_How to complete this task:_ Filter the data below, keeping only lines that contain "GlobalId".

_Listed records:_
###

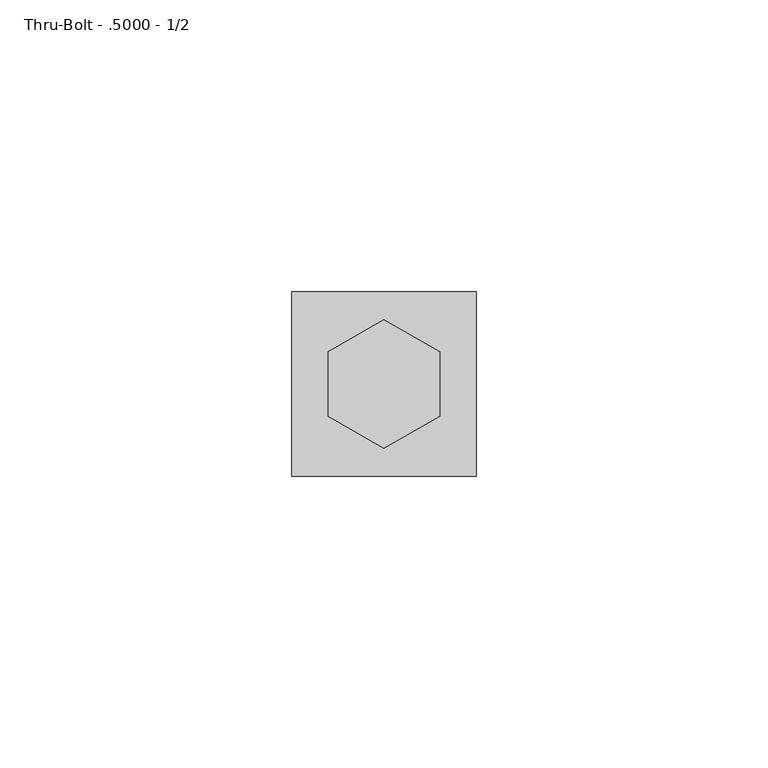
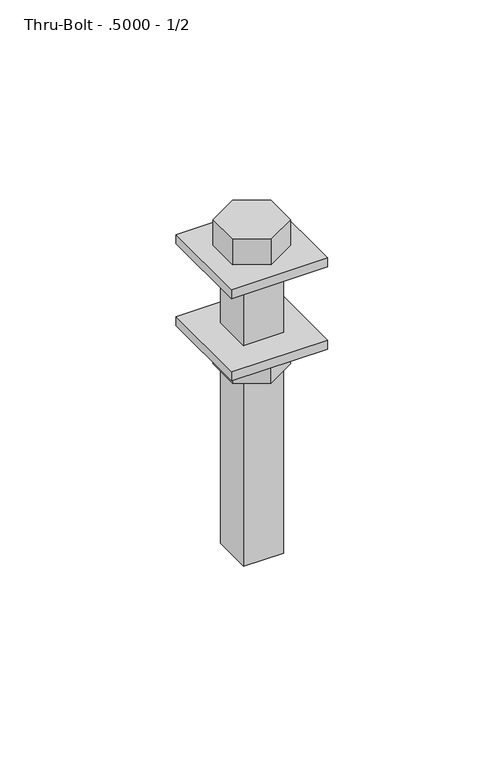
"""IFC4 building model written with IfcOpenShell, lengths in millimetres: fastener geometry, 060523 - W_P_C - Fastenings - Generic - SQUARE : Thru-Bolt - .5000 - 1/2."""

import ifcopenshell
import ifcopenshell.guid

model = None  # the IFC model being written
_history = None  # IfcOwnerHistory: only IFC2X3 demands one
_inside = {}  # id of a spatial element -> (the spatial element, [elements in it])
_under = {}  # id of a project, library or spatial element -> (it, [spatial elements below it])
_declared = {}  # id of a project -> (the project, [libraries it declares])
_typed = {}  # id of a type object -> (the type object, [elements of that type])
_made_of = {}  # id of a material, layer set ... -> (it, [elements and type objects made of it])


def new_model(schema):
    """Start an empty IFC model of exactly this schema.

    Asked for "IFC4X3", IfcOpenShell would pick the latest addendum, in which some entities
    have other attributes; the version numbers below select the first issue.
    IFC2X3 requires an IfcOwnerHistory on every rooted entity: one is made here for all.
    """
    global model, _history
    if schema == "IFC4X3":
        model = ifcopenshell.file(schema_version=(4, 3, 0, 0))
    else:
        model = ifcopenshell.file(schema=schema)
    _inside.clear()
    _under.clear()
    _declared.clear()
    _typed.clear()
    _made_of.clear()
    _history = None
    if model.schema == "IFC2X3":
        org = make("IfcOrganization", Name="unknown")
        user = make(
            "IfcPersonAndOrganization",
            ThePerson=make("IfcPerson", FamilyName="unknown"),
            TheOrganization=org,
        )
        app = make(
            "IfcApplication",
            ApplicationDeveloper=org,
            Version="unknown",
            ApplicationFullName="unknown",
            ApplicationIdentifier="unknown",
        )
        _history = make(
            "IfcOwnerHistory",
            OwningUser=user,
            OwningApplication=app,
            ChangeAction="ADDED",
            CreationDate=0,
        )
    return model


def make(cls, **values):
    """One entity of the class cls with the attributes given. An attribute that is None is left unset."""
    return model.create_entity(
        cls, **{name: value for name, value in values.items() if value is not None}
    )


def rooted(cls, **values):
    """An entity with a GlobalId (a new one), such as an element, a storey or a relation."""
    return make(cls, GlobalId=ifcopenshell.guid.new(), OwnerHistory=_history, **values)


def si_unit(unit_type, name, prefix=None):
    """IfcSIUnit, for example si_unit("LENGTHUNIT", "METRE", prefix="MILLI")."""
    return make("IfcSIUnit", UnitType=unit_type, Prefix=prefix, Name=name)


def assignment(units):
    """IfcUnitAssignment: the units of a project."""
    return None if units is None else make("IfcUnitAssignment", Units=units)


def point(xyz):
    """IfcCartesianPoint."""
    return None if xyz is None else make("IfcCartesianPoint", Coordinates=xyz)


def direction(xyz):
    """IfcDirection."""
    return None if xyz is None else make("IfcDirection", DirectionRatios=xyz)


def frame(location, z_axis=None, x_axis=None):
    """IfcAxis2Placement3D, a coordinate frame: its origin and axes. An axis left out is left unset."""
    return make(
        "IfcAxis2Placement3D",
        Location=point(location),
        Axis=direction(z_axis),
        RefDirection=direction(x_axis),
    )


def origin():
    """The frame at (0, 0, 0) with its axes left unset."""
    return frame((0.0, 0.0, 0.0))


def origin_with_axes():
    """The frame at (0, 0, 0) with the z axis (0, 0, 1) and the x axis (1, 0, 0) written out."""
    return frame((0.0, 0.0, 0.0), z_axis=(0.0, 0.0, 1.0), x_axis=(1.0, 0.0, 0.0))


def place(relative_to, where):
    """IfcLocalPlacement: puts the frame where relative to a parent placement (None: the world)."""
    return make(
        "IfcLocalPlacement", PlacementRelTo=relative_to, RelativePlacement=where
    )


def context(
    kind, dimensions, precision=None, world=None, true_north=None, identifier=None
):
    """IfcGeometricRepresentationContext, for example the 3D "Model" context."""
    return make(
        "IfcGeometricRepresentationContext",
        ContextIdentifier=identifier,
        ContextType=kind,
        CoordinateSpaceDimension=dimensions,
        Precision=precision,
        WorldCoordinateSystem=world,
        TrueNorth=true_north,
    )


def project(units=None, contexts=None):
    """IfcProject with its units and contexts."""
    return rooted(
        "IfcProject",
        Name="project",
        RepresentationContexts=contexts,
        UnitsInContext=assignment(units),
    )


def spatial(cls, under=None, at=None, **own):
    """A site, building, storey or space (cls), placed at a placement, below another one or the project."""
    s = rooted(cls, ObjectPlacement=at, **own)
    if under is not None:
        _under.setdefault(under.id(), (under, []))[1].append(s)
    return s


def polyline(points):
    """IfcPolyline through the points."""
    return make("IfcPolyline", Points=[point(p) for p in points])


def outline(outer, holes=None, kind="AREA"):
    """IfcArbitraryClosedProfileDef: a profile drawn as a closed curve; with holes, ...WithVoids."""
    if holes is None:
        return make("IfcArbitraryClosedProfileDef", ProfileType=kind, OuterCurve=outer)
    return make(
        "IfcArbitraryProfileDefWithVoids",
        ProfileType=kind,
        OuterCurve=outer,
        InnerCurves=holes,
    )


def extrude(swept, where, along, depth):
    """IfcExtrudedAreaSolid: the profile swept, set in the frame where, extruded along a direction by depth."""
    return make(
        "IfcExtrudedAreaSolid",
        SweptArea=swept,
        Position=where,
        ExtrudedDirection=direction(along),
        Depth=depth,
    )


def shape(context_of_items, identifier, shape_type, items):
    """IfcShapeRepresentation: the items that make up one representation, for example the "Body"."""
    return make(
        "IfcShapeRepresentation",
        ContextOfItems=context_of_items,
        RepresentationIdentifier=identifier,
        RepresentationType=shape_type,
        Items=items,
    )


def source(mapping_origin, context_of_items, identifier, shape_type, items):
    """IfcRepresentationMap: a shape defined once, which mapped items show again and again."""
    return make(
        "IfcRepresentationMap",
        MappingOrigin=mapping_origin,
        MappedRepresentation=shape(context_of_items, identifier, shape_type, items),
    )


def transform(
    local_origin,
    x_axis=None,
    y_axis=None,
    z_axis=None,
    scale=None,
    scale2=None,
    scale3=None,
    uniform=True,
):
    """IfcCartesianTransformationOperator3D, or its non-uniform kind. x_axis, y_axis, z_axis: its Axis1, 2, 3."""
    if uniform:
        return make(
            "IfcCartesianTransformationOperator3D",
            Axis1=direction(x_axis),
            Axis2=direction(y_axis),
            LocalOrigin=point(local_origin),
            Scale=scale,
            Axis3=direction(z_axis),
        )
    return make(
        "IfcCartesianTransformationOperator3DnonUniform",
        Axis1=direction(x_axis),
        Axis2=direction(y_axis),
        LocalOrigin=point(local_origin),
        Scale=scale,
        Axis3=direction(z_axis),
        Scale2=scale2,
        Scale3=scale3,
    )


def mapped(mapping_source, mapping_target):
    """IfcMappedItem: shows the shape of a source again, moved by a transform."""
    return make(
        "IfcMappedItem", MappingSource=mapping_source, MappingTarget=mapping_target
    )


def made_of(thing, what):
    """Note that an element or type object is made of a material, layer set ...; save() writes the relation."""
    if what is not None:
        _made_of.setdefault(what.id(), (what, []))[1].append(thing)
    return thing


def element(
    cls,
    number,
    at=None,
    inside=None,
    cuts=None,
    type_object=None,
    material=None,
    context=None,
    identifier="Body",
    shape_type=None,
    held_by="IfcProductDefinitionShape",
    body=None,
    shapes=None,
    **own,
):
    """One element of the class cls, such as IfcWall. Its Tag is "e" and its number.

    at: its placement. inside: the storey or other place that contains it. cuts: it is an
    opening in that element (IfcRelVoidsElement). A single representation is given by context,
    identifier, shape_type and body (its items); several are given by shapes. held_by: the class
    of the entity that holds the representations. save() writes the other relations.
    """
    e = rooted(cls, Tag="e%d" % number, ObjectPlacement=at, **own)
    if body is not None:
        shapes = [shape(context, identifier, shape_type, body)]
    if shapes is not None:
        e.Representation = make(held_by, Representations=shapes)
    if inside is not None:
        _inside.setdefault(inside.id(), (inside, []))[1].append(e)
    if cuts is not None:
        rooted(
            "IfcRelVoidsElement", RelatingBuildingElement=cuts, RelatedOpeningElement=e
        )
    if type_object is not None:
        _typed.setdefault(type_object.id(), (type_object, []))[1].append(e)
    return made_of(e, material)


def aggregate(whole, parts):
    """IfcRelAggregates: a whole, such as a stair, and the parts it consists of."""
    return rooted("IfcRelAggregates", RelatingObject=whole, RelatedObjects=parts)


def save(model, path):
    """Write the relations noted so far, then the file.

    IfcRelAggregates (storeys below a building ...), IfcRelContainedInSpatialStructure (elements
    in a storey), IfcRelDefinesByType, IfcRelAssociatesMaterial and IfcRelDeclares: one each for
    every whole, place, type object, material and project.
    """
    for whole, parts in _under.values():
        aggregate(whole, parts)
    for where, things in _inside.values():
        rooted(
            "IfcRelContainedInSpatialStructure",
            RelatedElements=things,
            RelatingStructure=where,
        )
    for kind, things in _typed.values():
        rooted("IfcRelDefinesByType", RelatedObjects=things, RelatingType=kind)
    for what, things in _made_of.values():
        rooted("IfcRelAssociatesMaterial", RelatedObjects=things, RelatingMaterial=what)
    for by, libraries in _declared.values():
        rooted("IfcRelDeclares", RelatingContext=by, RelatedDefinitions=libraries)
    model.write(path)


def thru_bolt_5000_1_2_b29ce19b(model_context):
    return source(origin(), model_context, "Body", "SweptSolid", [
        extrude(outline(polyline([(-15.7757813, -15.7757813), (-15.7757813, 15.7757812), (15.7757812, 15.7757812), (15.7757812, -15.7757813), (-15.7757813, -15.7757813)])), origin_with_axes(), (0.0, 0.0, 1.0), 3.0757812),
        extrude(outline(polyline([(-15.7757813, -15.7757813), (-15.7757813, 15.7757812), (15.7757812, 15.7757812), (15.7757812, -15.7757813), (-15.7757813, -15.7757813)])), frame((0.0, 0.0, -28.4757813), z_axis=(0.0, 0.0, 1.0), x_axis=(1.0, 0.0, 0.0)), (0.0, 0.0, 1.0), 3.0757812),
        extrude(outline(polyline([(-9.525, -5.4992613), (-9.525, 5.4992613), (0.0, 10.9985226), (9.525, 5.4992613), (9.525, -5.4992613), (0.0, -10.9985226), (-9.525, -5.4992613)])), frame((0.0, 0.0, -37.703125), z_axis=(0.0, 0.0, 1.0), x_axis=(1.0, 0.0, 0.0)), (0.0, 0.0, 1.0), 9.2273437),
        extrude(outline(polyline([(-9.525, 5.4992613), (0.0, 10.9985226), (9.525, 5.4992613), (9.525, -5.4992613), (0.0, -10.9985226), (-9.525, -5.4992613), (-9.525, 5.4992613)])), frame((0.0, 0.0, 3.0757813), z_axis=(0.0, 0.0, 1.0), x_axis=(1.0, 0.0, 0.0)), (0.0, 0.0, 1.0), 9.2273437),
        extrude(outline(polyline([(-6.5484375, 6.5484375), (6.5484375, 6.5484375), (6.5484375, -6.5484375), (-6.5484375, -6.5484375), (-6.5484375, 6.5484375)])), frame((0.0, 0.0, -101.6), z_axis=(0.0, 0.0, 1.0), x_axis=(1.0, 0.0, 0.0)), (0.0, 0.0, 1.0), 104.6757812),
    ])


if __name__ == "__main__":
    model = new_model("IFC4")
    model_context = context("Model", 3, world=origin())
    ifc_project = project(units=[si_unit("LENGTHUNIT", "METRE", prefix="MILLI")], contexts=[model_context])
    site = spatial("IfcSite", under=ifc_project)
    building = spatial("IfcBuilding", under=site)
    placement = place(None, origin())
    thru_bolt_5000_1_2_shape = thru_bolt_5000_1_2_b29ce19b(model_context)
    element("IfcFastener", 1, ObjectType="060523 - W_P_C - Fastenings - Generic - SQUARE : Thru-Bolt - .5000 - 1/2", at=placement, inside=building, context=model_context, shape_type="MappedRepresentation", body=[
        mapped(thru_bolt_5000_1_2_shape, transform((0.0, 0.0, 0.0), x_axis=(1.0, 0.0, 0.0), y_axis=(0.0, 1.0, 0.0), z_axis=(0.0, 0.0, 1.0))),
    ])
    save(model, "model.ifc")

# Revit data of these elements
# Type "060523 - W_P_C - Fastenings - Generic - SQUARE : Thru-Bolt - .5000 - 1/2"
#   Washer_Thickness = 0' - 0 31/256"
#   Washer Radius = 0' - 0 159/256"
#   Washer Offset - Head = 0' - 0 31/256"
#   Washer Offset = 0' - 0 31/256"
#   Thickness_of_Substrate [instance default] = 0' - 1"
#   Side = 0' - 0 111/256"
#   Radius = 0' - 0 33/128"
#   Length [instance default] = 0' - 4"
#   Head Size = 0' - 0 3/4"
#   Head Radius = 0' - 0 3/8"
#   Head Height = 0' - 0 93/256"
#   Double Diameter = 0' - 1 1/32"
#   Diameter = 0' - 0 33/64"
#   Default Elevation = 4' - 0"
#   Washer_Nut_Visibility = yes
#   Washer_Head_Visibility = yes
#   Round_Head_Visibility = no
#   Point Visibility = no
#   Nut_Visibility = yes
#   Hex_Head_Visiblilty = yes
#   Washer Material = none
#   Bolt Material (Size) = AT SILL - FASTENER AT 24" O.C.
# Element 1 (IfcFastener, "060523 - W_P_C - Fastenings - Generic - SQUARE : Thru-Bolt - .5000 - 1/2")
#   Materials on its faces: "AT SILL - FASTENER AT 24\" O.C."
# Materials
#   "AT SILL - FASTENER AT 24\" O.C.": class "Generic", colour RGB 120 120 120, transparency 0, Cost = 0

###

_Exercise response:_
    """An entity with a GlobalId (a new one), such as an element, a storey or a relation."""
    return make(cls, GlobalId=ifcopenshell.guid.new(), OwnerHistory=_history, **values)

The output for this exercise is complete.